Data extracted from a collection:
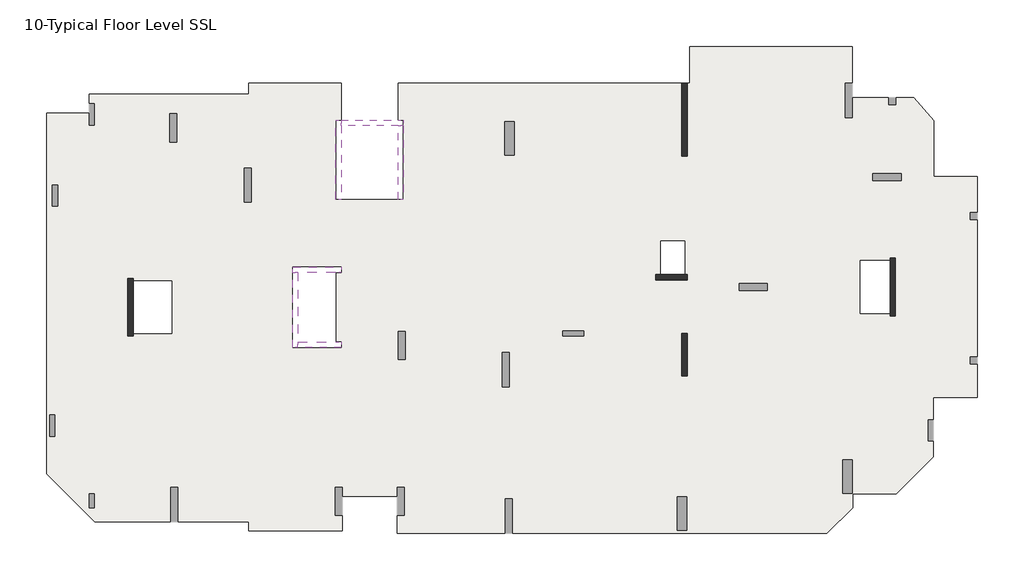
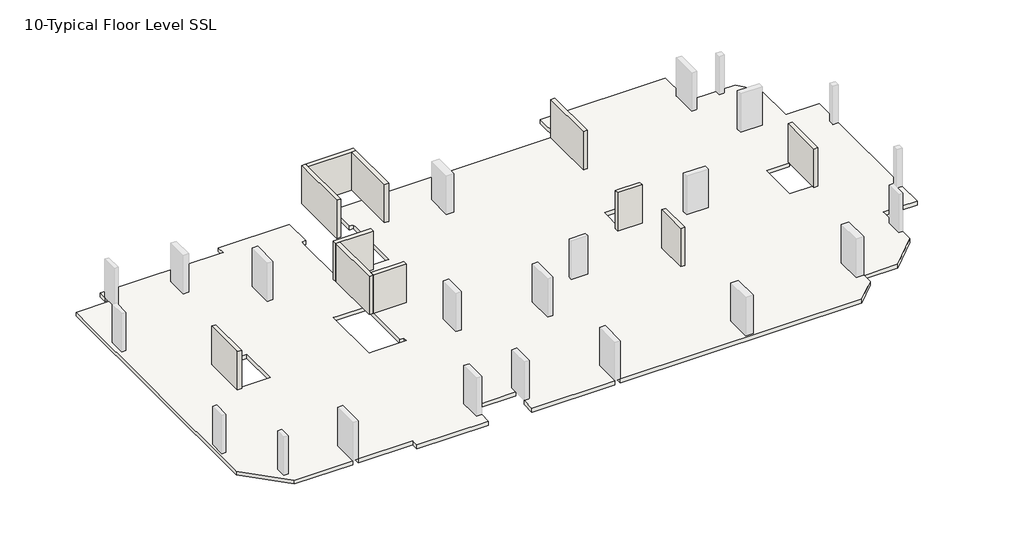
# One storey, part 1 of 2: 11 walls, 1 slab.
"""IFC4 building model written with IfcOpenShell, lengths in millimetres."""

from ifc_helpers import new_model, si_unit, origin, place, context, project, spatial, faceted_brep, element, save

model = new_model("IFC4")

# Units and contexts
model_context = context("Model", 3, world=origin())
ifc_project = project(units=[si_unit("LENGTHUNIT", "METRE", prefix="MILLI")], contexts=[model_context])

# Site, building, storey
site = spatial("IfcSite", under=ifc_project)
building = spatial("IfcBuilding", under=site)
storey = spatial("IfcBuildingStorey", under=building, Name="10-Typical Floor Level SSL", Elevation=24000.0)

# Slab
placement = place(None, origin())
element("IfcSlab", 1, ObjectType="Generic 300mm", at=placement, inside=storey, context=model_context, shape_type="Brep", body=[
    faceted_brep([(36192.0021644, 24072.000519, 23700.0), (36192.0021644, 26172.000519, 23700.0), (45446.0007483, 26172.000519, 23700.0), (45446.0007483, 24087.0, 23700.0), (45046.0007483, 24087.0, 23700.0), (45046.0007483, 22137.0, 23700.0), (45446.0007483, 22137.0, 23700.0), (45446.0007483, 23252.0000315, 23700.0), (47498.6337868, 23252.0000315, 23700.0), (47498.6337868, 22852.0, 23700.0), (47898.6337868, 22852.0, 23700.0), (47898.6337868, 23252.0000315, 23700.0), (48936.764334, 23252.0000315, 23700.0), (50076.0016214, 21956.8283806, 23700.0), (50076.0016214, 18780.0084406, 23700.0), (52549.9999998, 18780.0084406, 23700.0), (52549.9999998, 16712.0, 23700.0), (52149.9999998, 16712.0, 23700.0), (52149.9999998, 16312.0, 23700.0), (52549.9999998, 16312.0, 23700.0), (52549.9999998, 8504.0039609, 23700.0), (52149.9999998, 8504.0039609, 23700.0), (52149.9999998, 8104.0039609, 23700.0), (52549.9999998, 8104.0039609, 23700.0), (52549.9999998, 6204.0084406, 23700.0), (50046.0009271, 6204.0084406, 23700.0), (50046.0009271, 4931.9999929, 23700.0), (49746.0009271, 4931.9999929, 23700.0), (49746.0009271, 3731.9999929, 23700.0), (50046.0009271, 3731.9999929, 23700.0), (50046.0009271, 2810.5958657, 23700.0), (47943.4055804, 708.000519, 23700.0), (45456.0017287, 708.000519, 23700.0), (45456.0017287, -61.7051085, 23700.0), (43990.7023722, -1527.004465, 23700.0), (26113.9999998, -1527.004465, 23700.0), (26113.9999998, 422.995535, 23700.0), (25713.9999998, 422.995535, 23700.0), (25713.9999998, -1527.004465, 23700.0), (19569.9997488, -1527.004465, 23700.0), (19569.9997488, -512.0044652, 23700.0), (19969.9997488, -512.0044652, 23700.0), (19969.9997488, 1087.9955348, 23700.0), (19569.9997488, 1087.9955348, 23700.0), (19569.9997488, 564.000519, 23700.0), (16429.9999981, 564.000519, 23700.0), (16429.9999981, 1088.0, 23700.0), (16029.9999981, 1088.0, 23700.0), (16029.9999981, -512.0, 23700.0), (16429.9999981, -512.0, 23700.0), (16429.9999981, -1391.999481, 23700.0), (11136.0000923, -1391.999481, 23700.0), (11136.0000923, -866.9999847, 23700.0), (7082.0000416, -866.9999847, 23700.0), (7082.0000416, 1083.0000153, 23700.0), (6682.0000416, 1083.0000153, 23700.0), (6682.0000416, -866.9999847, 23700.0), (2364.4419097, -866.9999847, 23700.0), (-372.0, 1869.441925, 23700.0), (-372.0, 22380.0004589, 23700.0), (2052.0, 22380.0004589, 23700.0), (2052.0, 21708.0000656, 23700.0), (2352.0, 21708.0000656, 23700.0), (2352.0, 22908.0000656, 23700.0), (2052.0, 22908.0000656, 23700.0), (2052.0, 23472.000519, 23700.0), (11136.0000923, 23472.000519, 23700.0), (11136.0000923, 24072.000519, 23700.0), (16380.0000168, 24072.000519, 23700.0), (16380.0000168, 21972.0, 23700.0), (16079.9999997, 21972.0, 23700.0), (16079.9999997, 21672.0, 23700.0), (16079.9999997, 17468.0, 23700.0), (16379.9999997, 17468.0, 23700.0), (19619.9999997, 17468.0, 23700.0), (19919.9999997, 17468.0, 23700.0), (19919.9999997, 21672.0, 23700.0), (19919.9999997, 21972.0, 23700.0), (19619.9997365, 21972.0, 23700.0), (19619.9997365, 24072.000519, 23700.0), (35747.9999998, 24072.000519, 23700.0), (35747.9999998, 19932.0, 23700.0), (36047.9999998, 19932.0, 23700.0), (36047.9999998, 24072.000519, 23700.0), (16079.9999907, 9359.999998, 23700.0), (16079.9999907, 13320.0000002, 23700.0), (16380.0000168, 13320.0000002, 23700.0), (16380.0000168, 13620.0000002, 23700.0), (13919.9999907, 13620.0000002, 23700.0), (13619.9999907, 13620.0000002, 23700.0), (13619.9999907, 13320.0000002, 23700.0), (13619.9999907, 9359.999998, 23700.0), (13619.9999907, 9059.999998, 23700.0), (13919.9999907, 9059.999998, 23700.0), (16380.0000168, 9059.999998, 23700.0), (16380.0000168, 9359.999998, 23700.0), (4548.0000034, 9840.0000003, 23700.0), (6743.9999995, 9840.0000003, 23700.0), (6743.9999995, 12840.0000003, 23700.0), (4548.0000034, 12840.0000003, 23700.0), (4548.0000025, 12984.0000001, 23700.0), (4248.0000025, 12984.0000001, 23700.0), (4248.0000025, 9696.0, 23700.0), (4548.0000025, 9696.0, 23700.0), (47580.0014798, 13992.0079177, 23700.0), (45900.001729, 13992.0079177, 23700.0), (45900.001729, 10992.0079181, 23700.0), (47580.0014798, 10992.0079181, 23700.0), (47580.0014811, 10848.0079202, 23700.0), (47880.0014811, 10848.0079202, 23700.0), (47880.0014811, 14136.0000002, 23700.0), (47580.0014811, 14136.0000002, 23700.0), (35904.002157, 15108.0000083, 23700.0), (34548.0015145, 15108.0000083, 23700.0), (34548.0015145, 13199.9999992, 23700.0), (34248.0015201, 13199.9999992, 23700.0), (34248.0015201, 12899.9999992, 23700.0), (36048.0015201, 12899.9999992, 23700.0), (36048.0015201, 13199.9999992, 23700.0), (35904.002157, 13199.9999992, 23700.0), (257.9999999, 17088.0, 23700.0), (257.9999999, 18288.0, 23700.0), (-42.0000001, 18288.0, 23700.0), (-42.0000001, 17088.0, 23700.0), (108.001803, 4001.9999858, 23700.0), (108.001803, 5201.9999858, 23700.0), (-191.998197, 5201.9999858, 23700.0), (-191.998197, 4001.9999858, 23700.0), (30175.9999998, 9996.0000019, 23700.0), (28975.9999998, 9996.0000019, 23700.0), (28975.9999998, 9696.0000019, 23700.0), (30175.9999998, 9696.0000019, 23700.0), (7021.9999999, 20740.0000078, 23700.0), (7021.9999999, 22340.0000078, 23700.0), (6621.9999999, 22340.0000078, 23700.0), (6621.9999999, 20740.0000078, 23700.0), (48205.9993605, 18950.0, 23700.0), (46605.9993605, 18950.0, 23700.0), (46605.9993605, 18550.0, 23700.0), (48205.9993605, 18550.0, 23700.0), (20030.000009, 8355.9999979, 23700.0), (20030.000009, 9955.9999979, 23700.0), (19630.000009, 9955.9999979, 23700.0), (19630.000009, 8355.9999979, 23700.0), (11270.0000427, 17312.9999996, 23700.0), (11270.0000427, 19262.9999996, 23700.0), (10870.0000427, 19262.9999996, 23700.0), (10870.0000427, 17312.9999996, 23700.0), (40598.0014887, 12692.0079212, 23700.0), (38998.0014887, 12692.0079212, 23700.0), (38998.0014887, 12292.0079212, 23700.0), (40598.0014887, 12292.0079212, 23700.0), (2352.0, -72.0, 23700.0), (2352.0, 728.0, 23700.0), (2052.0, 728.0, 23700.0), (2052.0, -72.0, 23700.0), (25934.0000455, 6801.0001824, 23700.0), (25934.0000455, 8751.0001824, 23700.0), (25534.0000455, 8751.0001824, 23700.0), (25534.0000455, 6801.0001824, 23700.0), (36035.9999998, -1351.9992017, 23700.0), (36035.9999998, 548.0007983, 23700.0), (35485.9999998, 548.0007983, 23700.0), (35485.9999998, -1351.9992017, 23700.0), (45443.9999998, 748.0, 23700.0), (45443.9999998, 2648.0, 23700.0), (44893.9999998, 2648.0, 23700.0), (44893.9999998, 748.0, 23700.0), (26218.9999998, 20000.0, 23700.0), (26218.9999998, 21900.0, 23700.0), (25668.9999998, 21900.0, 23700.0), (25668.9999998, 20000.0, 23700.0), (35748.0054035, 9840.0000002, 23700.0), (35748.0054035, 7428.0000762, 23700.0), (36048.0054035, 7428.0000762, 23700.0), (36048.0054035, 9840.0000002, 23700.0), (36192.0021644, 26172.000519, 24000.0), (36192.0021644, 24072.000519, 24000.0), (36047.9999998, 24072.000519, 24000.0), (36047.9999998, 19932.0, 24000.0), (35747.9999998, 19932.0, 24000.0), (35747.9999998, 24072.000519, 24000.0), (19619.9997365, 24072.000519, 24000.0), (19619.9997365, 21972.0, 24000.0), (19919.9999997, 21972.0, 24000.0), (19919.9999997, 21672.0, 24000.0), (19919.9999997, 17468.0, 24000.0), (19619.9999997, 17468.0, 24000.0), (16379.9999997, 17468.0, 24000.0), (16079.9999997, 17468.0, 24000.0), (16079.9999997, 21672.0, 24000.0), (16079.9999997, 21972.0, 24000.0), (16380.0000168, 21972.0, 24000.0), (16380.0000168, 24072.000519, 24000.0), (11136.0000923, 24072.000519, 24000.0), (11136.0000923, 23472.000519, 24000.0), (2052.0, 23472.000519, 24000.0), (2052.0, 22908.0000656, 24000.0), (2352.0, 22908.0000656, 24000.0), (2352.0, 21708.0000656, 24000.0), (2052.0, 21708.0000656, 24000.0), (2052.0, 22380.0004589, 24000.0), (-372.0, 22380.0004589, 24000.0), (-372.0, 1869.441925, 24000.0), (2364.4419097, -866.9999847, 24000.0), (6682.0000416, -866.9999847, 24000.0), (6682.0000416, 1083.0000153, 24000.0), (7082.0000416, 1083.0000153, 24000.0), (7082.0000416, -866.9999847, 24000.0), (11136.0000923, -866.9999847, 24000.0), (11136.0000923, -1391.999481, 24000.0), (16429.9999981, -1391.999481, 24000.0), (16429.9999981, -512.0, 24000.0), (16029.9999981, -512.0, 24000.0), (16029.9999981, 1088.0, 24000.0), (16429.9999981, 1088.0, 24000.0), (16429.9999981, 564.000519, 24000.0), (19569.9997488, 564.000519, 24000.0), (19569.9997488, 1087.9955348, 24000.0), (19969.9997488, 1087.9955348, 24000.0), (19969.9997488, -512.0044652, 24000.0), (19569.9997488, -512.0044652, 24000.0), (19569.9997488, -1527.004465, 24000.0), (25713.9999998, -1527.004465, 24000.0), (25713.9999998, 422.995535, 24000.0), (26113.9999998, 422.995535, 24000.0), (26113.9999998, -1527.004465, 24000.0), (43990.7023722, -1527.004465, 24000.0), (45456.0017287, -61.7051085, 24000.0), (45456.0017287, 708.000519, 24000.0), (47943.4055804, 708.000519, 24000.0), (50046.0009271, 2810.5958657, 24000.0), (50046.0009271, 3731.9999929, 24000.0), (49746.0009271, 3731.9999929, 24000.0), (49746.0009271, 4931.9999929, 24000.0), (50046.0009271, 4931.9999929, 24000.0), (50046.0009271, 6204.0084406, 24000.0), (52549.9999998, 6204.0084406, 24000.0), (52549.9999998, 8104.0039609, 24000.0), (52149.9999998, 8104.0039609, 24000.0), (52149.9999998, 8504.0039609, 24000.0), (52549.9999998, 8504.0039609, 24000.0), (52549.9999998, 16312.0, 24000.0), (52149.9999998, 16312.0, 24000.0), (52149.9999998, 16712.0, 24000.0), (52549.9999998, 16712.0, 24000.0), (52549.9999998, 18780.0084406, 24000.0), (50076.0016214, 18780.0084406, 24000.0), (50076.0016214, 21956.8283806, 24000.0), (48936.764334, 23252.0000315, 24000.0), (47898.6337868, 23252.0000315, 24000.0), (47898.6337868, 22852.0, 24000.0), (47498.6337868, 22852.0, 24000.0), (47498.6337868, 23252.0000315, 24000.0), (45446.0006898, 23252.0000315, 24000.0), (45446.0007483, 22137.0, 24000.0), (45046.0007483, 22137.0, 24000.0), (45046.0007483, 24087.0, 24000.0), (45446.0007483, 24087.0, 24000.0), (45446.0007483, 26172.000519, 24000.0), (16079.9999907, 13320.0000002, 24000.0), (16079.9999907, 9359.999998, 24000.0), (16380.0000168, 9359.999998, 24000.0), (16380.0000168, 9059.999998, 24000.0), (13919.9999907, 9059.999998, 24000.0), (13619.9999907, 9059.999998, 24000.0), (13619.9999907, 9359.999998, 24000.0), (13619.9999907, 13320.0000002, 24000.0), (13619.9999907, 13620.0000002, 24000.0), (13919.9999907, 13620.0000002, 24000.0), (16380.0000168, 13620.0000002, 24000.0), (16380.0000168, 13320.0000002, 24000.0), (6743.9999995, 9840.0000003, 24000.0), (4548.0000034, 9840.0000003, 24000.0), (4548.0000025, 9696.0, 24000.0), (4248.0000025, 9696.0, 24000.0), (4248.0000025, 12984.0000001, 24000.0), (4548.0000025, 12984.0000001, 24000.0), (4548.0000025, 12840.0000003, 24000.0), (6743.9999995, 12840.0000003, 24000.0), (45900.001729, 13992.0079177, 24000.0), (47580.0014798, 13992.0079177, 24000.0), (47580.0014811, 14136.0000002, 24000.0), (47880.0014811, 14136.0000002, 24000.0), (47880.0014811, 10848.0079202, 24000.0), (47580.0014811, 10848.0079202, 24000.0), (47580.0014811, 10992.0079181, 24000.0), (45900.001729, 10992.0079181, 24000.0), (34548.0015145, 15108.0000083, 24000.0), (35904.002157, 15108.0000083, 24000.0), (35904.002157, 13199.9999992, 24000.0), (36048.0015201, 13199.9999992, 24000.0), (36048.0015201, 12899.9999992, 24000.0), (34248.0015201, 12899.9999992, 24000.0), (34248.0015201, 13199.9999992, 24000.0), (34548.0015145, 13199.9999992, 24000.0), (257.9999999, 18288.0, 24000.0), (257.9999999, 17088.0, 24000.0), (-42.0000001, 17088.0, 24000.0), (-42.0000001, 18288.0, 24000.0), (108.001803, 5201.9999858, 24000.0), (108.001803, 4001.9999858, 24000.0), (-191.998197, 4001.9999858, 24000.0), (-191.998197, 5201.9999858, 24000.0), (28975.9999998, 9996.0000019, 24000.0), (30175.9999998, 9996.0000019, 24000.0), (30175.9999998, 9696.0000019, 24000.0), (28975.9999998, 9696.0000019, 24000.0), (7021.9999999, 22340.0000078, 24000.0), (7021.9999999, 20740.0000078, 24000.0), (6621.9999999, 20740.0000078, 24000.0), (6621.9999999, 22340.0000078, 24000.0), (46605.9993605, 18950.0, 24000.0), (48205.9993605, 18950.0, 24000.0), (48205.9993605, 18550.0, 24000.0), (46605.9993605, 18550.0, 24000.0), (20030.000009, 9955.9999979, 24000.0), (20030.000009, 8355.9999979, 24000.0), (19630.000009, 8355.9999979, 24000.0), (19630.000009, 9955.9999979, 24000.0), (11270.0000427, 19262.9999996, 24000.0), (11270.0000427, 17312.9999996, 24000.0), (10870.0000427, 17312.9999996, 24000.0), (10870.0000427, 19262.9999996, 24000.0), (38998.0014887, 12692.0079212, 24000.0), (40598.0014887, 12692.0079212, 24000.0), (40598.0014887, 12292.0079212, 24000.0), (38998.0014887, 12292.0079212, 24000.0), (2352.0, 728.0, 24000.0), (2352.0, -72.0, 24000.0), (2052.0, -72.0, 24000.0), (2052.0, 728.0, 24000.0), (25934.0000455, 8751.0001824, 24000.0), (25934.0000455, 6801.0001824, 24000.0), (25534.0000455, 6801.0001824, 24000.0), (25534.0000455, 8751.0001824, 24000.0), (36035.9999998, 548.0007983, 24000.0), (36035.9999998, -1351.9992017, 24000.0), (35485.9999998, -1351.9992017, 24000.0), (35485.9999998, 548.0007983, 24000.0), (45443.9999998, 2648.0, 24000.0), (45443.9999998, 748.0, 24000.0), (44893.9999998, 748.0, 24000.0), (44893.9999998, 2648.0, 24000.0), (26218.9999998, 21900.0, 24000.0), (26218.9999998, 20000.0, 24000.0), (25668.9999998, 20000.0, 24000.0), (25668.9999998, 21900.0, 24000.0), (35748.0054035, 7428.0000762, 24000.0), (35748.0054035, 9840.0000002, 24000.0), (36048.0054035, 9840.0000002, 24000.0), (36048.0054035, 7428.0000762, 24000.0)], [[[0, 1, 2, 3, 4, 5, 6, 7, 8, 9, 10, 11, 12, 13, 14, 15, 16, 17, 18, 19, 20, 21, 22, 23, 24, 25, 26, 27, 28, 29, 30, 31, 32, 33, 34, 35, 36, 37, 38, 39, 40, 41, 42, 43, 44, 45, 46, 47, 48, 49, 50, 51, 52, 53, 54, 55, 56, 57, 58, 59, 60, 61, 62, 63, 64, 65, 66, 67, 68, 69, 70, 71, 72, 73, 74, 75, 76, 77, 78, 79, 80, 81, 82, 83], [84, 85, 86, 87, 88, 89, 90, 91, 92, 93, 94, 95], [96, 97, 98, 99, 100, 101, 102, 103], [104, 105, 106, 107, 108, 109, 110, 111], [112, 113, 114, 115, 116, 117, 118, 119], [120, 121, 122, 123], [124, 125, 126, 127], [128, 129, 130, 131], [132, 133, 134, 135], [136, 137, 138, 139], [140, 141, 142, 143], [144, 145, 146, 147], [148, 149, 150, 151], [152, 153, 154, 155], [156, 157, 158, 159], [160, 161, 162, 163], [164, 165, 166, 167], [168, 169, 170, 171], [172, 173, 174, 175]], [[176, 177, 178, 179, 180, 181, 182, 183, 184, 185, 186, 187, 188, 189, 190, 191, 192, 193, 194, 195, 196, 197, 198, 199, 200, 201, 202, 203, 204, 205, 206, 207, 208, 209, 210, 211, 212, 213, 214, 215, 216, 217, 218, 219, 220, 221, 222, 223, 224, 225, 226, 227, 228, 229, 230, 231, 232, 233, 234, 235, 236, 237, 238, 239, 240, 241, 242, 243, 244, 245, 246, 247, 248, 249, 250, 251, 252, 253, 254, 255, 256, 257, 258, 259], [260, 261, 262, 263, 264, 265, 266, 267, 268, 269, 270, 271], [272, 273, 274, 275, 276, 277, 278, 279], [280, 281, 282, 283, 284, 285, 286, 287], [288, 289, 290, 291, 292, 293, 294, 295], [296, 297, 298, 299], [300, 301, 302, 303], [304, 305, 306, 307], [308, 309, 310, 311], [312, 313, 314, 315], [316, 317, 318, 319], [320, 321, 322, 323], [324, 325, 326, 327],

## [WORK TO COMPLETE]
Your answer should be the lines of the records that hold the string "element".

## [COMPLETED TASK]
from ifc_helpers import new_model, si_unit, origin, place, context, project, spatial, faceted_brep, element, save
element("IfcSlab", 1, ObjectType="Generic 300mm", at=placement, inside=storey, context=model_context, shape_type="Brep", body=[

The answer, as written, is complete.